All eukaryotic cells must move materials from one place to another in the cytoplasm. Most cells use the endomembrane system as an intracellular highway. As you saw on page 82, the Golgi complex packages materials into vesicles that come from the channels of the endoplasmic reticulum to the far reaches of the cell. However, this highway is only effective over short distances. When a cell has to transport materials through long extensions like the axon of a nerve cell, the endomembrane system highways are too slow. For these situations, eukaryotic cells have developed high-speed locomotives that run along microtubular tracks. Lysosomes move along such microtubular tracks to reach a food vacuole, and mitochondria travel down them to the far-away tips of long axons.

For long-distance intracellular transport, four components are required, illustrated in figure 4.17: a vesicle or organelle (the light tan structure) that is to be transported; a motor molecule, in this case dynein, that provides the energy-driven motion; connector molecules that connect the vesicle to the motor molecule (in the figure, they are the dynactin complex and other associated proteins); and microtubules (the green tube) on which the vesicle will ride like a train on a rail, pulled by a locomotive. As nature’s tiniest motors, these motor proteins literally pull the transport vesicles along the microtubular tracks.

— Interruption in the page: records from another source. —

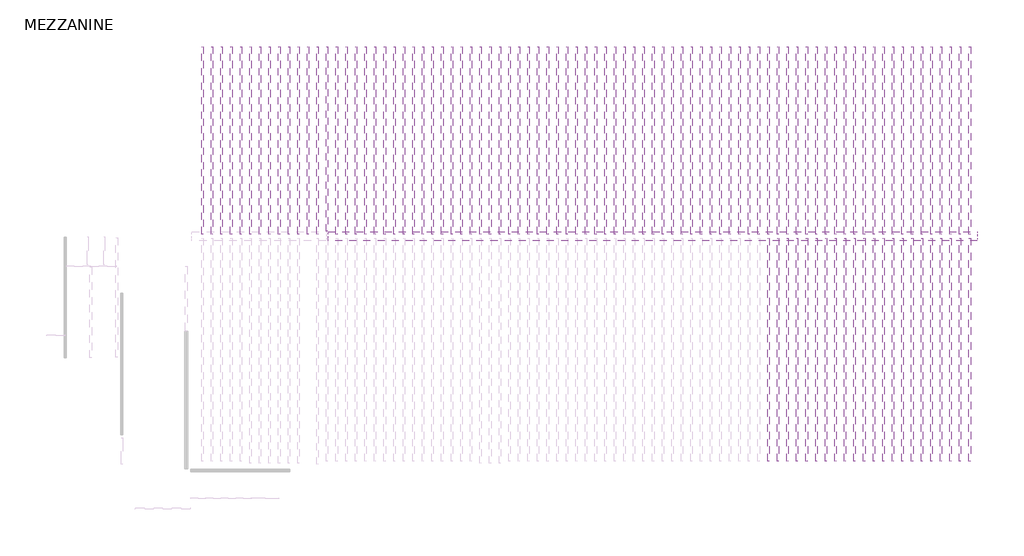
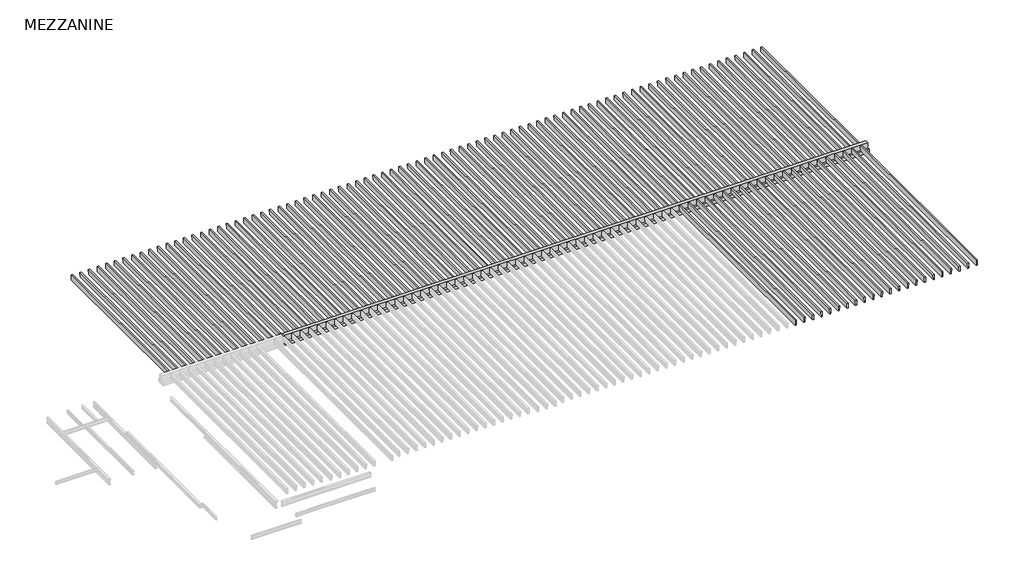
# One storey, part 2 of 2: 104 beams.
"""IFC4 building model written with IfcOpenShell, lengths in millimetres."""

import ifcopenshell
import ifcopenshell.guid

model = None  # the IFC model being written
_history = None  # IfcOwnerHistory: only IFC2X3 demands one
_inside = {}  # id of a spatial element -> (the spatial element, [elements in it])
_under = {}  # id of a project, library or spatial element -> (it, [spatial elements below it])
_declared = {}  # id of a project -> (the project, [libraries it declares])
_typed = {}  # id of a type object -> (the type object, [elements of that type])
_made_of = {}  # id of a material, layer set ... -> (it, [elements and type objects made of it])


def new_model(schema):
    """Start an empty IFC model of exactly this schema.

    Asked for "IFC4X3", IfcOpenShell would pick the latest addendum, in which some entities
    have other attributes; the version numbers below select the first issue.
    IFC2X3 requires an IfcOwnerHistory on every rooted entity: one is made here for all.
    """
    global model, _history
    if schema == "IFC4X3":
        model = ifcopenshell.file(schema_version=(4, 3, 0, 0))
    else:
        model = ifcopenshell.file(schema=schema)
    _inside.clear()
    _under.clear()
    _declared.clear()
    _typed.clear()
    _made_of.clear()
    _history = None
    if model.schema == "IFC2X3":
        org = make("IfcOrganization", Name="unknown")
        user = make(
            "IfcPersonAndOrganization",
            ThePerson=make("IfcPerson", FamilyName="unknown"),
            TheOrganization=org,
        )
        app = make(
            "IfcApplication",
            ApplicationDeveloper=org,
            Version="unknown",
            ApplicationFullName="unknown",
            ApplicationIdentifier="unknown",
        )
        _history = make(
            "IfcOwnerHistory",
            OwningUser=user,
            OwningApplication=app,
            ChangeAction="ADDED",
            CreationDate=0,
        )
    return model


def make(cls, **values):
    """One entity of the class cls with the attributes given. An attribute that is None is left unset."""
    return model.create_entity(
        cls, **{name: value for name, value in values.items() if value is not None}
    )


def rooted(cls, **values):
    """An entity with a GlobalId (a new one), such as an element, a storey or a relation."""
    return make(cls, GlobalId=ifcopenshell.guid.new(), OwnerHistory=_history, **values)


def si_unit(unit_type, name, prefix=None):
    """IfcSIUnit, for example si_unit("LENGTHUNIT", "METRE", prefix="MILLI")."""
    return make("IfcSIUnit", UnitType=unit_type, Prefix=prefix, Name=name)


def assignment(units):
    """IfcUnitAssignment: the units of a project."""
    return None if units is None else make("IfcUnitAssignment", Units=units)


def point(xyz):
    """IfcCartesianPoint."""
    return None if xyz is None else make("IfcCartesianPoint", Coordinates=xyz)


def direction(xyz):
    """IfcDirection."""
    return None if xyz is None else make("IfcDirection", DirectionRatios=xyz)


def frame(location, z_axis=None, x_axis=None):
    """IfcAxis2Placement3D, a coordinate frame: its origin and axes. An axis left out is left unset."""
    return make(
        "IfcAxis2Placement3D",
        Location=point(location),
        Axis=direction(z_axis),
        RefDirection=direction(x_axis),
    )


def origin():
    """The frame at (0, 0, 0) with its axes left unset."""
    return frame((0.0, 0.0, 0.0))


def place(relative_to, where):
    """IfcLocalPlacement: puts the frame where relative to a parent placement (None: the world)."""
    return make(
        "IfcLocalPlacement", PlacementRelTo=relative_to, RelativePlacement=where
    )


def context(
    kind, dimensions, precision=None, world=None, true_north=None, identifier=None
):
    """IfcGeometricRepresentationContext, for example the 3D "Model" context."""
    return make(
        "IfcGeometricRepresentationContext",
        ContextIdentifier=identifier,
        ContextType=kind,
        CoordinateSpaceDimension=dimensions,
        Precision=precision,
        WorldCoordinateSystem=world,
        TrueNorth=true_north,
    )


def project(units=None, contexts=None):
    """IfcProject with its units and contexts."""
    return rooted(
        "IfcProject",
        Name="project",
        RepresentationContexts=contexts,
        UnitsInContext=assignment(units),
    )


def spatial(cls, under=None, at=None, **own):
    """A site, building, storey or space (cls), placed at a placement, below another one or the project."""
    s = rooted(cls, ObjectPlacement=at, **own)
    if under is not None:
        _under.setdefault(under.id(), (under, []))[1].append(s)
    return s


def polyline(points):
    """IfcPolyline through the points."""
    return make("IfcPolyline", Points=[point(p) for p in points])


def outline(outer, holes=None, kind="AREA"):
    """IfcArbitraryClosedProfileDef: a profile drawn as a closed curve; with holes, ...WithVoids."""
    if holes is None:
        return make("IfcArbitraryClosedProfileDef", ProfileType=kind, OuterCurve=outer)
    return make(
        "IfcArbitraryProfileDefWithVoids",
        ProfileType=kind,
        OuterCurve=outer,
        InnerCurves=holes,
    )


def extrude(swept, where, along, depth):
    """IfcExtrudedAreaSolid: the profile swept, set in the frame where, extruded along a direction by depth."""
    return make(
        "IfcExtrudedAreaSolid",
        SweptArea=swept,
        Position=where,
        ExtrudedDirection=direction(along),
        Depth=depth,
    )


def shape(context_of_items, identifier, shape_type, items):
    """IfcShapeRepresentation: the items that make up one representation, for example the "Body"."""
    return make(
        "IfcShapeRepresentation",
        ContextOfItems=context_of_items,
        RepresentationIdentifier=identifier,
        RepresentationType=shape_type,
        Items=items,
    )


def source(mapping_origin, context_of_items, identifier, shape_type, items):
    """IfcRepresentationMap: a shape defined once, which mapped items show again and again."""
    return make(
        "IfcRepresentationMap",
        MappingOrigin=mapping_origin,
        MappedRepresentation=shape(context_of_items, identifier, shape_type, items),
    )


def transform(
    local_origin,
    x_axis=None,
    y_axis=None,
    z_axis=None,
    scale=None,
    scale2=None,
    scale3=None,
    uniform=True,
):
    """IfcCartesianTransformationOperator3D, or its non-uniform kind. x_axis, y_axis, z_axis: its Axis1, 2, 3."""
    if uniform:
        return make(
            "IfcCartesianTransformationOperator3D",
            Axis1=direction(x_axis),
            Axis2=direction(y_axis),
            LocalOrigin=point(local_origin),
            Scale=scale,
            Axis3=direction(z_axis),
        )
    return make(
        "IfcCartesianTransformationOperator3DnonUniform",
        Axis1=direction(x_axis),
        Axis2=direction(y_axis),
        LocalOrigin=point(local_origin),
        Scale=scale,
        Axis3=direction(z_axis),
        Scale2=scale2,
        Scale3=scale3,
    )


def mapped(mapping_source, mapping_target):
    """IfcMappedItem: shows the shape of a source again, moved by a transform."""
    return make(
        "IfcMappedItem", MappingSource=mapping_source, MappingTarget=mapping_target
    )


def made_of(thing, what):
    """Note that an element or type object is made of a material, layer set ...; save() writes the relation."""
    if what is not None:
        _made_of.setdefault(what.id(), (what, []))[1].append(thing)
    return thing


def element(
    cls,
    number,
    at=None,
    inside=None,
    cuts=None,
    type_object=None,
    material=None,
    context=None,
    identifier="Body",
    shape_type=None,
    held_by="IfcProductDefinitionShape",
    body=None,
    shapes=None,
    **own,
):
    """One element of the class cls, such as IfcWall. Its Tag is "e" and its number.

    at: its placement. inside: the storey or other place that contains it. cuts: it is an
    opening in that element (IfcRelVoidsElement). A single representation is given by context,
    identifier, shape_type and body (its items); several are given by shapes. held_by: the class
    of the entity that holds the representations. save() writes the other relations.
    """
    e = rooted(cls, Tag="e%d" % number, ObjectPlacement=at, **own)
    if body is not None:
        shapes = [shape(context, identifier, shape_type, body)]
    if shapes is not None:
        e.Representation = make(held_by, Representations=shapes)
    if inside is not None:
        _inside.setdefault(inside.id(), (inside, []))[1].append(e)
    if cuts is not None:
        rooted(
            "IfcRelVoidsElement", RelatingBuildingElement=cuts, RelatedOpeningElement=e
        )
    if type_object is not None:
        _typed.setdefault(type_object.id(), (type_object, []))[1].append(e)
    return made_of(e, material)


def aggregate(whole, parts):
    """IfcRelAggregates: a whole, such as a stair, and the parts it consists of."""
    return rooted("IfcRelAggregates", RelatingObject=whole, RelatedObjects=parts)


def save(model, path):
    """Write the relations noted so far, then the file.

    IfcRelAggregates (storeys below a building ...), IfcRelContainedInSpatialStructure (elements
    in a storey), IfcRelDefinesByType, IfcRelAssociatesMaterial and IfcRelDeclares: one each for
    every whole, place, type object, material and project.
    """
    for whole, parts in _under.values():
        aggregate(whole, parts)
    for where, things in _inside.values():
        rooted(
            "IfcRelContainedInSpatialStructure",
            RelatedElements=things,
            RelatingStructure=where,
        )
    for kind, things in _typed.values():
        rooted("IfcRelDefinesByType", RelatedObjects=things, RelatingType=kind)
    for what, things in _made_of.values():
        rooted("IfcRelAssociatesMaterial", RelatedObjects=things, RelatingMaterial=what)
    for by, libraries in _declared.values():
        rooted("IfcRelDeclares", RelatingContext=by, RelatedDefinitions=libraries)
    model.write(path)


def precast_cone_shaped_beam_double_t_c0c18137(model_context):
    return source(origin(), model_context, "Body", "SweptSolid", [
        extrude(outline(polyline([(50.8, -228.6), (-50.8, -228.6), (-63.5, 228.6), (63.5, 228.6), (50.8, -228.6)])), frame((-7378.7, 0.0, 0.0), z_axis=(1.0, 0.0, 0.0), x_axis=(0.0, 1.0, 0.0)), (0.0, 0.0, 1.0), 14909.8),
    ])


def precast_cone_shaped_beam_double_t_e9a1f935(model_context):
    return source(origin(), model_context, "Body", "SweptSolid", [
        extrude(outline(polyline([(50.8, -228.6), (-50.8, -228.6), (-63.5, 228.6), (63.5, 228.6), (50.8, -228.6)])), frame((-7162.8, 0.0, 0.0), z_axis=(1.0, 0.0, 0.0), x_axis=(0.0, 1.0, 0.0)), (0.0, 0.0, 1.0), 14693.9),
    ])


def precast_cone_shaped_beam_double_t_b6a0bb25(model_context):
    return source(origin(), model_context, "Body", "SweptSolid", [
        extrude(outline(polyline([(-50.8, -228.6), (-63.5, 228.6), (63.5, 228.6), (50.8, -228.6), (-50.8, -228.6)])), frame((-8915.4, 0.0, 0.0), z_axis=(1.0, 0.0, 0.0), x_axis=(0.0, 1.0, 0.0)), (0.0, 0.0, 1.0), 17741.9),
    ])


def precast_inverted_tee_20_12x28_ea35af0b(model_context):
    return source(origin(), model_context, "Body", "SweptSolid", [
        extrude(outline(polyline([(-355.6, -406.4), (-355.6, -101.6), (-152.4, -101.6), (-152.4, 406.4), (152.4, 406.4), (152.4, -101.6), (355.6, -101.6), (355.6, -406.4), (-355.6, -406.4)])), frame((-25831.8, 0.0, 0.0), z_axis=(1.0, 0.0, 0.0), x_axis=(0.0, 1.0, 0.0)), (0.0, 0.0, 1.0), 51587.4),
    ])


model = new_model("IFC4")

# Units and contexts
model_context = context("Model", 3, world=origin())
ifc_project = project(units=[si_unit("LENGTHUNIT", "METRE", prefix="MILLI")], contexts=[model_context])

# Site, building, storey
site = spatial("IfcSite", under=ifc_project)
building = spatial("IfcBuilding", under=site)
storey = spatial("IfcBuildingStorey", under=building, Name="MEZZANINE", Elevation=2959.1)

# Beams
placement = place(None, origin())
precast_cone_shaped_beam_double_t_shape = precast_cone_shaped_beam_double_t_c0c18137(model_context)
element("IfcBeam", 1, ObjectType="Precast-Cone Shaped Beam : DOUBLE_T", at=placement, inside=storey, context=model_context, shape_type="MappedRepresentation", body=[
    mapped(precast_cone_shaped_beam_double_t_shape, transform((-23461.5909443, 5367.0768471, 4724.4), x_axis=(0.0, 1.0, 0.0), y_axis=(-1.0, 0.0, 0.0), z_axis=(0.0, 0.0, 1.0))),
])
element("IfcBeam", 2, ObjectType="Precast-Cone Shaped Beam : DOUBLE_T", at=placement, inside=storey, context=model_context, shape_type="MappedRepresentation", body=[
    mapped(precast_cone_shaped_beam_double_t_shape, transform((-22699.5909443, 5367.0768471, 4724.4), x_axis=(0.0, 1.0, 0.0), y_axis=(-1.0, 0.0, 0.0), z_axis=(0.0, 0.0, 1.0))),
])
element("IfcBeam", 3, ObjectType="Precast-Cone Shaped Beam : DOUBLE_T", at=placement, inside=storey, context=model_context, shape_type="MappedRepresentation", body=[
    mapped(precast_cone_shaped_beam_double_t_shape, transform((-21937.5909443, 5367.0768471, 4724.4), x_axis=(0.0, 1.0, 0.0), y_axis=(-1.0, 0.0, 0.0), z_axis=(0.0, 0.0, 1.0))),
])
element("IfcBeam", 4, ObjectType="Precast-Cone Shaped Beam : DOUBLE_T", at=placement, inside=storey, context=model_context, shape_type="MappedRepresentation", body=[
    mapped(precast_cone_shaped_beam_double_t_shape, transform((-21175.5909443, 5367.0768471, 4724.4), x_axis=(0.0, 1.0, 0.0), y_axis=(-1.0, 0.0, 0.0), z_axis=(0.0, 0.0, 1.0))),
])
element("IfcBeam", 5, ObjectType="Precast-Cone Shaped Beam : DOUBLE_T", at=placement, inside=storey, context=model_context, shape_type="MappedRepresentation", body=[
    mapped(precast_cone_shaped_beam_double_t_shape, transform((-20413.5909443, 5367.0768471, 4724.4), x_axis=(0.0, 1.0, 0.0), y_axis=(-1.0, 0.0, 0.0), z_axis=(0.0, 0.0, 1.0))),
])
element("IfcBeam", 6, ObjectType="Precast-Cone Shaped Beam : DOUBLE_T", at=placement, inside=storey, context=model_context, shape_type="MappedRepresentation", body=[
    mapped(precast_cone_shaped_beam_double_t_shape, transform((-19651.5909443, 5367.0768471, 4724.4), x_axis=(0.0, 1.0, 0.0), y_axis=(-1.0, 0.0, 0.0), z_axis=(0.0, 0.0, 1.0))),
])
element("IfcBeam", 7, ObjectType="Precast-Cone Shaped Beam : DOUBLE_T", at=placement, inside=storey, context=model_context, shape_type="MappedRepresentation", body=[
    mapped(precast_cone_shaped_beam_double_t_shape, transform((-18889.5909443, 5367.0768471, 4724.4), x_axis=(0.0, 1.0, 0.0), y_axis=(-1.0, 0.0, 0.0), z_axis=(0.0, 0.0, 1.0))),
])
element("IfcBeam", 8, ObjectType="Precast-Cone Shaped Beam : DOUBLE_T", at=placement, inside=storey, context=model_context, shape_type="MappedRepresentation", body=[
    mapped(precast_cone_shaped_beam_double_t_shape, transform((-18127.5909443, 5367.0768471, 4724.4), x_axis=(0.0, 1.0, 0.0), y_axis=(-1.0, 0.0, 0.0), z_axis=(0.0, 0.0, 1.0))),
])
element("IfcBeam", 9, ObjectType="Precast-Cone Shaped Beam : DOUBLE_T", at=placement, inside=storey, context=model_context, shape_type="MappedRepresentation", body=[
    mapped(precast_cone_shaped_beam_double_t_shape, transform((-17365.5909443, 5367.0768471, 4724.4), x_axis=(0.0, 1.0, 0.0), y_axis=(-1.0, 0.0, 0.0), z_axis=(0.0, 0.0, 1.0))),
])
element("IfcBeam", 10, ObjectType="Precast-Cone Shaped Beam : DOUBLE_T", at=placement, inside=storey, context=model_context, shape_type="MappedRepresentation", body=[
    mapped(precast_cone_shaped_beam_double_t_shape, transform((-16603.5909443, 5367.0768471, 4724.4), x_axis=(0.0, 1.0, 0.0), y_axis=(-1.0, 0.0, 0.0), z_axis=(0.0, 0.0, 1.0))),
])
element("IfcBeam", 11, ObjectType="Precast-Cone Shaped Beam : DOUBLE_T", at=placement, inside=storey, context=model_context, shape_type="MappedRepresentation", body=[
    mapped(precast_cone_shaped_beam_double_t_shape, transform((-15841.5909443, 5367.0768471, 4724.4), x_axis=(0.0, 1.0, 0.0), y_axis=(-1.0, 0.0, 0.0), z_axis=(0.0, 0.0, 1.0))),
])
element("IfcBeam", 12, ObjectType="Precast-Cone Shaped Beam : DOUBLE_T", at=placement, inside=storey, context=model_context, shape_type="MappedRepresentation", body=[
    mapped(precast_cone_shaped_beam_double_t_shape, transform((-15079.5909443, 5367.0768471, 4724.4), x_axis=(0.0, 1.0, 0.0), y_axis=(-1.0, 0.0, 0.0), z_axis=(0.0, 0.0, 1.0))),
])
element("IfcBeam", 13, ObjectType="Precast-Cone Shaped Beam : DOUBLE_T", at=placement, inside=storey, context=model_context, shape_type="MappedRepresentation", body=[
    mapped(precast_cone_shaped_beam_double_t_shape, transform((-14317.5909443, 5367.0768471, 4724.4), x_axis=(0.0, 1.0, 0.0), y_axis=(-1.0, 0.0, 0.0), z_axis=(0.0, 0.0, 1.0))),
])
element("IfcBeam", 14, ObjectType="Precast-Cone Shaped Beam : DOUBLE_T", at=placement, inside=storey, context=model_context, shape_type="MappedRepresentation", body=[
    mapped(precast_cone_shaped_beam_double_t_shape, transform((-13555.5909443, 5367.0768471, 4724.4), x_axis=(0.0, 1.0, 0.0), y_axis=(-1.0, 0.0, 0.0), z_axis=(0.0, 0.0, 1.0))),
])
element("IfcBeam", 15, ObjectType="Precast-Cone Shaped Beam : DOUBLE_T", at=placement, inside=storey, context=model_context, shape_type="MappedRepresentation", body=[
    mapped(precast_cone_shaped_beam_double_t_shape, transform((-12793.5909443, 5367.0768471, 4724.4), x_axis=(0.0, 1.0, 0.0), y_axis=(-1.0, 0.0, 0.0), z_axis=(0.0, 0.0, 1.0))),
])
element("IfcBeam", 16, ObjectType="Precast-Cone Shaped Beam : DOUBLE_T", at=placement, inside=storey, context=model_context, shape_type="MappedRepresentation", body=[
    mapped(precast_cone_shaped_beam_double_t_shape, transform((-12031.5909443, 5367.0768471, 4724.4), x_axis=(0.0, 1.0, 0.0), y_axis=(-1.0, 0.0, 0.0), z_axis=(0.0, 0.0, 1.0))),
])
element("IfcBeam", 17, ObjectType="Precast-Cone Shaped Beam : DOUBLE_T", at=placement, inside=storey, context=model_context, shape_type="MappedRepresentation", body=[
    mapped(precast_cone_shaped_beam_double_t_shape, transform((-11269.5909443, 5367.0768471, 4724.4), x_axis=(0.0, 1.0, 0.0), y_axis=(-1.0, 0.0, 0.0), z_axis=(0.0, 0.0, 1.0))),
])
element("IfcBeam", 18, ObjectType="Precast-Cone Shaped Beam : DOUBLE_T", at=placement, inside=storey, context=model_context, shape_type="MappedRepresentation", body=[
    mapped(precast_cone_shaped_beam_double_t_shape, transform((-10507.5909443, 5367.0768471, 4724.4), x_axis=(0.0, 1.0, 0.0), y_axis=(-1.0, 0.0, 0.0), z_axis=(0.0, 0.0, 1.0))),
])
element("IfcBeam", 19, ObjectType="Precast-Cone Shaped Beam : DOUBLE_T", at=placement, inside=storey, context=model_context, shape_type="MappedRepresentation", body=[
    mapped(precast_cone_shaped_beam_double_t_shape, transform((-9745.5909443, 5367.0768471, 4724.4), x_axis=(0.0, 1.0, 0.0), y_axis=(-1.0, 0.0, 0.0), z_axis=(0.0, 0.0, 1.0))),
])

How does such a tiny motor work? A motor protein uses ATP to power its movement. Scientists have proposed that they use a type of stepping action. Also, the direction of movement is different for different motor proteins. The dynein motor protein shown in figure 4.17 moves inward toward the cell’s center, dragging the vesicle with it as it travels along toward the “-” end of a microtubule. Another motor protein, kinesin, directs movement in the opposite direction, toward the “+” end of a microtubule, which is toward the periphery of the cell. The destination of a particular transport vesicle and its contents is thus determined by the nature of the linking protein embedded within the vesicle’s membrane. Like possessing a ticket to one of two destinations, if a vesicle links to kinesin, it moves outward; if it links to dynein, it moves inward.


Figure 4.17. Molecular motors.

Vesicles that are transported within cells are attached with connector molecules, such as the dynactin complex shown here, to motor molecules, like dynein, which move along microtubules.

Key Learning Outcome 4.8. The cytoskeleton is a latticework of protein fibers that determines a cell's shape and anchors organelles to particular locations within the cytoplasm. Cells can move by changing their shape and move substances around the cell using molecular motors.